(Data excerpts)
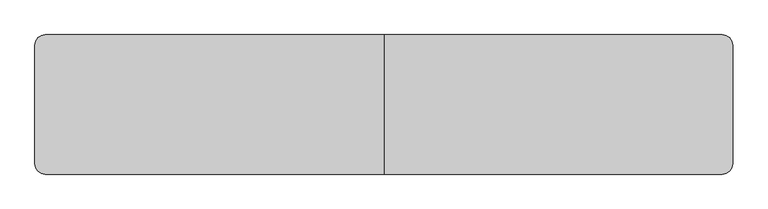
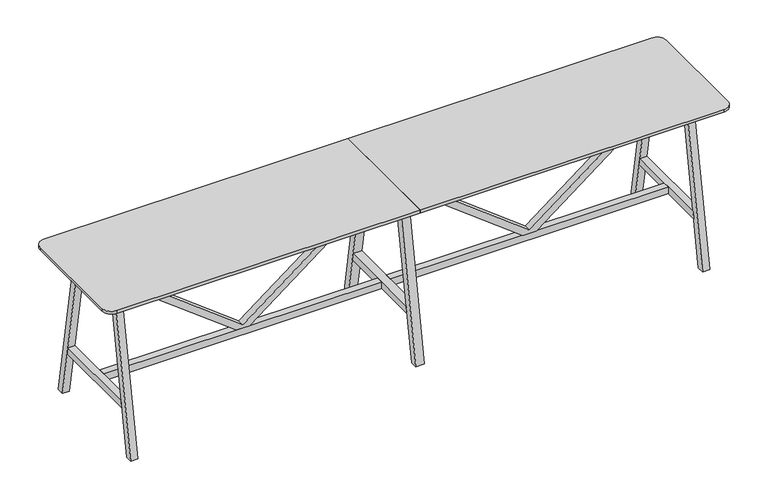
"""IFC4 building model written with IfcOpenShell, lengths in millimetres: furniture geometry, BDG_BossDesign_Tbls_AgentTables6Legs : AGE-HT-6L-4000-800-3D."""

from ifc_helpers import new_model, si_unit, point, frame, frame_2d, origin, place, context, project, spatial, polyline, circle_curve, trimmed, segment, composite_curve, outline, extrude, source, transform, mapped, element, save


def furniture_f8ce24c6(model_context):
    return source(origin(), model_context, "Body", "SweptSolid", [
        extrude(outline(polyline([(345.0, 874.0823957), (345.0, 958.4176043), (992.0, 1805.0), (1032.0, 1805.0), (1032.0, 1785.0), (365.0, 916.25), (1032.0, 47.5), (1032.0, 27.5), (992.0, 27.5), (345.0, 874.0823957)])), frame((0.0, -22.5000305, 0.0), z_axis=(0.0, 1.0, 0.0), x_axis=(0.0, 0.0, 1.0)), (0.0, 0.0, 1.0), 45.000061),
        extrude(outline(polyline([(345.0, -874.0823957), (992.0, -27.5), (1032.0, -27.5), (1032.0, -47.5), (365.0, -916.25), (1032.0, -1785.0), (1032.0, -1805.0), (992.0, -1805.0), (345.0, -958.4176043), (345.0, -874.0823957)])), frame((0.0, -22.5000305, 0.0), z_axis=(0.0, 1.0, 0.0), x_axis=(0.0, 0.0, 1.0)), (0.0, 0.0, 1.0), 45.000061),
        extrude(outline(polyline([(400.0, 0.0), (354.9999949, 0.0), (185.5, 970.0), (230.5000051, 970.0), (400.0, 0.0)])), frame((-27.5, 0.0, 0.0), z_axis=(1.0, 0.0, 0.0), x_axis=(0.0, 1.0, 0.0)), (0.0, 0.0, 1.0), 55.0),
        extrude(outline(polyline([(-400.0, 0.0), (-230.5000051, 970.0), (-185.5, 970.0), (-354.9999949, 0.0), (-400.0, 0.0)])), frame((-27.5, 0.0, 0.0), z_axis=(1.0, 0.0, 0.0), x_axis=(0.0, 1.0, 0.0)), (0.0, 0.0, 1.0), 55.0),
        extrude(outline(polyline([(302.5773161, 300.0), (-302.5773161, 300.0), (-294.7139143, 345.0), (294.7139143, 345.0), (302.5773161, 300.0)])), frame((-27.5, 0.0, 0.0), z_axis=(1.0, 0.0, 0.0), x_axis=(0.0, 1.0, 0.0)), (0.0, 0.0, 1.0), 55.0),
        extrude(outline(composite_curve([segment(polyline([(0.0, 400.0), (0.0, -400.0), (-1940.0, -400.0)]), True, "CONTINUOUS"), segment(trimmed(circle_curve(frame_2d((-1940.0, -340.0)), 60.0), [point((-1940.0, -400.0))], [point((-2000.0, -340.0))], False, "CARTESIAN"), True, "CONTINUOUS"), segment(polyline([(-2000.0, -340.0), (-2000.0, 340.0)]), True, "CONTINUOUS"), segment(trimmed(circle_curve(frame_2d((-1940.0, 340.0)), 60.0), [point((-2000.0, 340.0))], [point((-1940.0, 400.0))], False, "CARTESIAN"), True, "CONTINUOUS"), segment(polyline([(-1940.0, 400.0), (0.0, 400.0)]), True, "CONTINUOUS")], self_intersect=False)), frame((0.0, 0.0, 1032.0), z_axis=(0.0, 0.0, 1.0), x_axis=(1.0, 0.0, 0.0)), (0.0, 0.0, 1.0), 18.0),
        extrude(outline(polyline([(-294.7139143, 345.0), (294.7139143, 345.0), (302.5773161, 300.0), (-302.5773161, 300.0), (-294.7139143, 345.0)])), frame((1805.0, 0.0, 0.0), z_axis=(1.0, 0.0, 0.0), x_axis=(0.0, 1.0, 0.0)), (0.0, 0.0, 1.0), 45.0),
        extrude(outline(polyline([(400.0, 0.0), (354.9999949, 0.0), (185.5, 970.0), (230.5000051, 970.0), (400.0, 0.0)])), frame((-1850.0, 0.0, 0.0), z_axis=(1.0, 0.0, 0.0), x_axis=(0.0, 1.0, 0.0)), (0.0, 0.0, 1.0), 45.0),
        extrude(outline(polyline([(-400.0, 0.0), (-230.5000051, 970.0), (-185.5, 970.0), (-354.9999949, 0.0), (-400.0, 0.0)])), frame((-1850.0, 0.0, 0.0), z_axis=(1.0, 0.0, 0.0), x_axis=(0.0, 1.0, 0.0)), (0.0, 0.0, 1.0), 45.0),
        extrude(outline(polyline([(-294.7139143, 345.0), (294.7139143, 345.0), (302.5773161, 300.0), (-302.5773161, 300.0), (-294.7139143, 345.0)])), frame((-1850.0, 0.0, 0.0), z_axis=(1.0, 0.0, 0.0), x_axis=(0.0, 1.0, 0.0)), (0.0, 0.0, 1.0), 45.0),
        extrude(outline(polyline([(-226.6006165, 944.973938), (-204.2770691, 1032.0), (-179.5, 1032.0), (-201.8235474, 944.973938), (-226.6006165, 944.973938)])), frame((-1805.0, 0.0, 0.0), z_axis=(1.0, 0.0, 0.0), x_axis=(0.0, 1.0, 0.0)), (0.0, 0.0, 1.0), 3610.0),
        extrude(outline(polyline([(226.6006165, 944.973938), (201.8235474, 944.973938), (179.5, 1032.0), (204.2770691, 1032.0), (226.6006165, 944.973938)])), frame((-1805.0, 0.0, 0.0), z_axis=(1.0, 0.0, 0.0), x_axis=(0.0, 1.0, 0.0)), (0.0, 0.0, 1.0), 3610.0),
        extrude(outline(polyline([(399.7999878, 0.0), (354.7999827, 0.0), (185.5, 970.0), (230.5000051, 970.0), (399.7999878, 0.0)])), frame((1805.0, 0.0, 0.0), z_axis=(1.0, 0.0, 0.0), x_axis=(0.0, 1.0, 0.0)), (0.0, 0.0, 1.0), 45.0),
        extrude(outline(polyline([(-399.7999878, 0.0), (-230.5000051, 970.0), (-185.5, 970.0), (-354.7999827, 0.0), (-399.7999878, 0.0)])), frame((1805.0, 0.0, 0.0), z_axis=(1.0, 0.0, 0.0), x_axis=(0.0, 1.0, 0.0)), (0.0, 0.0, 1.0), 45.0),
        extrude(outline(polyline([(-27.5, 22.5000305), (-27.5, -22.5000305), (-1805.0, -22.5000305), (-1805.0, 22.5000305), (-27.5, 22.5000305)])), frame((0.0, 0.0, 300.0), z_axis=(0.0, 0.0, 1.0), x_axis=(1.0, 0.0, 0.0)), (0.0, 0.0, 1.0), 45.0),
        extrude(outline(polyline([(27.5, -22.5000305), (27.5, 22.5000305), (1805.0, 22.5000305), (1805.0, -22.5000305), (27.5, -22.5000305)])), frame((0.0, 0.0, 300.0), z_axis=(0.0, 0.0, 1.0), x_axis=(1.0, 0.0, 0.0)), (0.0, 0.0, 1.0), 45.0),
        extrude(outline(composite_curve([segment(trimmed(circle_curve(frame_2d((1940.0, 340.0)), 60.0), [point((1940.0, 400.0))], [point((2000.0, 340.0))], False, "CARTESIAN"), True, "CONTINUOUS"), segment(polyline([(2000.0, 340.0), (2000.0, -340.0)]), True, "CONTINUOUS"), segment(trimmed(circle_curve(frame_2d((1940.0, -340.0)), 60.0), [point((2000.0, -340.0))], [point((1940.0, -400.0))], False, "CARTESIAN"), True, "CONTINUOUS"), segment(polyline([(1940.0, -400.0), (0.0, -400.0), (0.0, 400.0), (1940.0, 400.0)]), True, "CONTINUOUS")], self_intersect=False)), frame((0.0, 0.0, 1032.0), z_axis=(0.0, 0.0, 1.0), x_axis=(1.0, 0.0, 0.0)), (0.0, 0.0, 1.0), 18.0),
    ])


if __name__ == "__main__":
    model = new_model("IFC4")
    model_context = context("Model", 3, world=origin())
    ifc_project = project(units=[si_unit("LENGTHUNIT", "METRE", prefix="MILLI")], contexts=[model_context])
    site = spatial("IfcSite", under=ifc_project)
    building = spatial("IfcBuilding", under=site)
    placement = place(None, origin())
    furniture_shape = furniture_f8ce24c6(model_context)
    element("IfcFurniture", 1, ObjectType="BDG_BossDesign_Tbls_AgentTables6Legs : AGE-HT-6L-4000-800-3D", at=placement, inside=building, context=model_context, shape_type="MappedRepresentation", body=[
        mapped(furniture_shape, transform((0.0, 0.0, 0.0), x_axis=(1.0, 0.0, 0.0), y_axis=(0.0, 1.0, 0.0), z_axis=(0.0, 0.0, 1.0))),
    ])
    save(model, "model.ifc")

WHAT TO PRODUCE: Before answering, check every line of the records for the string "save", then state how many lines have it, with the number only.

SOLUTION FOR THIS EXERCISE: 2